PROBLEM DESCRIPTION ::
Scan the material below for the string "Básica". Report every line that has it.

RECORDS SHOWN ::
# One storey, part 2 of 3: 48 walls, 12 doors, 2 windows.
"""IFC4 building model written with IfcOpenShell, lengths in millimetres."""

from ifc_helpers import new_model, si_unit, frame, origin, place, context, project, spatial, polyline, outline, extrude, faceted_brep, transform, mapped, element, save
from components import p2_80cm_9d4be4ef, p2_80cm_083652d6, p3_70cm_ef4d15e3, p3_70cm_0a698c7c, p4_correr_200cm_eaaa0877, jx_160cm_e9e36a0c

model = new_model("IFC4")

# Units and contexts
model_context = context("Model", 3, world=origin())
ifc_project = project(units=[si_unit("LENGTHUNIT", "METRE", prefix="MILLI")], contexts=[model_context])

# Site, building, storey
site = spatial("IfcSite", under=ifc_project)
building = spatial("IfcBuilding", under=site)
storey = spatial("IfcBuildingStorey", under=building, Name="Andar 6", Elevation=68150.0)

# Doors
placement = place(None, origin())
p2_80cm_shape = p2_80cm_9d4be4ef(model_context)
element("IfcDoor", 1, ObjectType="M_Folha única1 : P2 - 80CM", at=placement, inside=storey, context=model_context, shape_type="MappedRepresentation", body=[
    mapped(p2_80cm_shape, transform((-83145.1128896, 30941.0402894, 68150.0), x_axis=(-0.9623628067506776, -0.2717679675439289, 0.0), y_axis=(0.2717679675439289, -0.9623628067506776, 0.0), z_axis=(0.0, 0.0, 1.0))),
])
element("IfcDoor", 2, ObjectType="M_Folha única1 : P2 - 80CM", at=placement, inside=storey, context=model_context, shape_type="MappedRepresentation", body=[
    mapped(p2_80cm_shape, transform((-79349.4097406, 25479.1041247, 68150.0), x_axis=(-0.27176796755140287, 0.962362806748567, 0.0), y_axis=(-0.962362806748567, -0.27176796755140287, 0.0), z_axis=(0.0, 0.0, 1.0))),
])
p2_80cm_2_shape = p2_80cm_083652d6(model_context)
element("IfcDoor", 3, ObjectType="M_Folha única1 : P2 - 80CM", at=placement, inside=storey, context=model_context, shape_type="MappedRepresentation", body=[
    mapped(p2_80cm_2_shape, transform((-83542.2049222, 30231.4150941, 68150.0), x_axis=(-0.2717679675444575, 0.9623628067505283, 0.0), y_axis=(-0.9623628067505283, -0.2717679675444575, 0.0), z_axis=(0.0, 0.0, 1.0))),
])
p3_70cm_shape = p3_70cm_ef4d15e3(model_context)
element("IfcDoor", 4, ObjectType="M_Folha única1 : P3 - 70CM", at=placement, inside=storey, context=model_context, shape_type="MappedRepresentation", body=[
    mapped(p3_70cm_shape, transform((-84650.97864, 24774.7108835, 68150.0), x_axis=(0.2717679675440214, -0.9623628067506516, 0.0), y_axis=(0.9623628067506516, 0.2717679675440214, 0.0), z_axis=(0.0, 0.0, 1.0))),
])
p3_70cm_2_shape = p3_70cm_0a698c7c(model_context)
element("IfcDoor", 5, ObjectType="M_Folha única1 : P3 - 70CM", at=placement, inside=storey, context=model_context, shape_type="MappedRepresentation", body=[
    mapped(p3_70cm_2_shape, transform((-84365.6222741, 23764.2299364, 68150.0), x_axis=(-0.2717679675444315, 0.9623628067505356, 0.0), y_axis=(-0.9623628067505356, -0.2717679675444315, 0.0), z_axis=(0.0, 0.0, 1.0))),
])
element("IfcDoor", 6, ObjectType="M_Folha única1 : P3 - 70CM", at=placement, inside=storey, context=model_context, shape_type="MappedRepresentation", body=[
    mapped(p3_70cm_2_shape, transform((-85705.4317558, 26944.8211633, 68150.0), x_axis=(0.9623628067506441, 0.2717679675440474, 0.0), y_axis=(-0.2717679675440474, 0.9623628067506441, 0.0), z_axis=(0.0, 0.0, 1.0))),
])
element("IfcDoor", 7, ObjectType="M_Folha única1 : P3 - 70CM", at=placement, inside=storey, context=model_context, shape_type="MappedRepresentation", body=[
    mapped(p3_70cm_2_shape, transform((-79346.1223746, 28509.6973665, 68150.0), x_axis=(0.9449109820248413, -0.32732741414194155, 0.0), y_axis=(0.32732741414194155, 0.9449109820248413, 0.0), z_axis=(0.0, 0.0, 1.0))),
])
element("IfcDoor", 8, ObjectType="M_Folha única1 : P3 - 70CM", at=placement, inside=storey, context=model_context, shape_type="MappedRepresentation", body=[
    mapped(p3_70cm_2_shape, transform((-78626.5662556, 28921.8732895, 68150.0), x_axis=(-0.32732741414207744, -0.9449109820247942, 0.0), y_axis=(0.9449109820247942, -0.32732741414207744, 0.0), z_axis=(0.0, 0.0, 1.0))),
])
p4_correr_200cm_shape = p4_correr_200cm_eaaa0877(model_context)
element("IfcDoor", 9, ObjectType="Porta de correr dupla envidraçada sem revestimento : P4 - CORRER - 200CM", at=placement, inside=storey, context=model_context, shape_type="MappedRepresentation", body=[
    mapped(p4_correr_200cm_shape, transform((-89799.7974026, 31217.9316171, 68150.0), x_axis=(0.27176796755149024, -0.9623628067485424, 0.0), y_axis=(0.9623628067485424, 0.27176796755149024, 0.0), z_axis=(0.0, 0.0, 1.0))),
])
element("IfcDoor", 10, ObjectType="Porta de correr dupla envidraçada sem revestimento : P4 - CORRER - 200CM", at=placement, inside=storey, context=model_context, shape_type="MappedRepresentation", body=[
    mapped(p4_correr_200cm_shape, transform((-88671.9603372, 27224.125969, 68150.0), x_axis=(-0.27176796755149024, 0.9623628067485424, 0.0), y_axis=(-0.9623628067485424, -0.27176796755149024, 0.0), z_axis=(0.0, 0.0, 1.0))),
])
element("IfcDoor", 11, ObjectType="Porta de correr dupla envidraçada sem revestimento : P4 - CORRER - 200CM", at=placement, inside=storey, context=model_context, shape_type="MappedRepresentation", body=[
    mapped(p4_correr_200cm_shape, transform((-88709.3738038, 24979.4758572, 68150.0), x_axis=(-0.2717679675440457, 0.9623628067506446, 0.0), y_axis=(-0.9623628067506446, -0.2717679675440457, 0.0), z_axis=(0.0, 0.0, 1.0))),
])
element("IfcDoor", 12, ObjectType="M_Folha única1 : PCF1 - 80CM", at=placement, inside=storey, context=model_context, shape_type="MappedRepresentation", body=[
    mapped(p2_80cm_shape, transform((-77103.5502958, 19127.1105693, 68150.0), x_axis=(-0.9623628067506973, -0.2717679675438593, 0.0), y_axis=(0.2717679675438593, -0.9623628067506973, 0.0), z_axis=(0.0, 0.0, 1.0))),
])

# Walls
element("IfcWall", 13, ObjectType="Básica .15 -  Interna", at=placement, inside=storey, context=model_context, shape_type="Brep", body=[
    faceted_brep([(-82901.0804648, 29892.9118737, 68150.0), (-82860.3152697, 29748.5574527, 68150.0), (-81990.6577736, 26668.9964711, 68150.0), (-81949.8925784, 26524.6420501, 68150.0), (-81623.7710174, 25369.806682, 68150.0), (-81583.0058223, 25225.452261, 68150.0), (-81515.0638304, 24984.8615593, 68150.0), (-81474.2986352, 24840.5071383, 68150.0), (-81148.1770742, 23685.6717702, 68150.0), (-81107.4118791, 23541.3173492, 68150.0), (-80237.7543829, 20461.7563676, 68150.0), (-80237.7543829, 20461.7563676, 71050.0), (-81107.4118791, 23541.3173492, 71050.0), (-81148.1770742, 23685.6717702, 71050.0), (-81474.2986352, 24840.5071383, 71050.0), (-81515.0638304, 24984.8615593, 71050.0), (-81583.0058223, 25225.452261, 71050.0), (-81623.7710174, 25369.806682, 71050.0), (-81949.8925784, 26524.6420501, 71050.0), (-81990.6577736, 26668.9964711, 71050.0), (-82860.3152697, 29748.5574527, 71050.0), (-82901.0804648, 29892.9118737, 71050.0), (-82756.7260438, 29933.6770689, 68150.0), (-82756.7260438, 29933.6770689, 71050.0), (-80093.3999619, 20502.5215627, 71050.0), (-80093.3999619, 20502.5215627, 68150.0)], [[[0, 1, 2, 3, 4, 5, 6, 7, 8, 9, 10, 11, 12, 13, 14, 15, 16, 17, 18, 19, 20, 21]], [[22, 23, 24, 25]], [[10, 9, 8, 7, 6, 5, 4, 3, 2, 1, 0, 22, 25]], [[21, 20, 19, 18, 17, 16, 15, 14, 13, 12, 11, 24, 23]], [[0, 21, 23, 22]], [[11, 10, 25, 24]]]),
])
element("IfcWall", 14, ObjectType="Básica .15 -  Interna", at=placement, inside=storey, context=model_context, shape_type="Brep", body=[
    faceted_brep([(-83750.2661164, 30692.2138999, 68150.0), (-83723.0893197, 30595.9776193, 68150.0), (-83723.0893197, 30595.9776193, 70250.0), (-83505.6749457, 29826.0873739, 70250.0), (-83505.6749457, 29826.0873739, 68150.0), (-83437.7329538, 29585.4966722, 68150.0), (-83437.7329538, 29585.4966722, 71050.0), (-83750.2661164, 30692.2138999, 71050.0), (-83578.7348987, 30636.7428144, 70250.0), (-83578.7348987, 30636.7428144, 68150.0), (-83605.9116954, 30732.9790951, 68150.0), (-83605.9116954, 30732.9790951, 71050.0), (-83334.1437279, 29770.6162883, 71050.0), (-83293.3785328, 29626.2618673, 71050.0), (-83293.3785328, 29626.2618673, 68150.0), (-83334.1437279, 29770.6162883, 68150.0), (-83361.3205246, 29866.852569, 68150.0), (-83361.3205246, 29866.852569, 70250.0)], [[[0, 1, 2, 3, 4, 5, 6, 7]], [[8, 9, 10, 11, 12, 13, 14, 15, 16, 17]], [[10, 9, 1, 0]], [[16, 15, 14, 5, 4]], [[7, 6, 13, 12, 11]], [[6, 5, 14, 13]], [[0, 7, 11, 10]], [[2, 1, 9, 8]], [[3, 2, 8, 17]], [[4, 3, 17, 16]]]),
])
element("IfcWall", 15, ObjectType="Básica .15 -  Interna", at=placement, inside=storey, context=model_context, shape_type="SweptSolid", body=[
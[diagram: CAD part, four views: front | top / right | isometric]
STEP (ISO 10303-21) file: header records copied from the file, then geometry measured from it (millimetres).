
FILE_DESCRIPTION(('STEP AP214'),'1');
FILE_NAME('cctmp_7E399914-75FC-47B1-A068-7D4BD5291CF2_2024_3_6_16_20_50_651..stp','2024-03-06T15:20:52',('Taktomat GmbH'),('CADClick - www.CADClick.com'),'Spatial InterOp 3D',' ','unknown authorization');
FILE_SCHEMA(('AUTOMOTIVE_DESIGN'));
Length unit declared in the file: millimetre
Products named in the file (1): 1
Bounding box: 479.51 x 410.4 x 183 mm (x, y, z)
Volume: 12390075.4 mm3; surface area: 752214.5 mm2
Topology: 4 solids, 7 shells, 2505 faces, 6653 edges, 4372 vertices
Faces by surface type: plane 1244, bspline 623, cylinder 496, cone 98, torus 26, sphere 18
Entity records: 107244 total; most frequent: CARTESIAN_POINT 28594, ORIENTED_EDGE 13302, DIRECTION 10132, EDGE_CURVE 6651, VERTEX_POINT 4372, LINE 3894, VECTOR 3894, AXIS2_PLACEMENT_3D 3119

EXERCISE SOLUTION ::
element("IfcWall", 13, ObjectType="Básica .15 -  Interna", at=placement, inside=storey, context=model_context, shape_type="Brep", body=[
element("IfcWall", 14, ObjectType="Básica .15 -  Interna", at=placement, inside=storey, context=model_context, shape_type="Brep", body=[
element("IfcWall", 15, ObjectType="Básica .15 -  Interna", at=placement, inside=storey, context=model_context, shape_type="SweptSolid", body=[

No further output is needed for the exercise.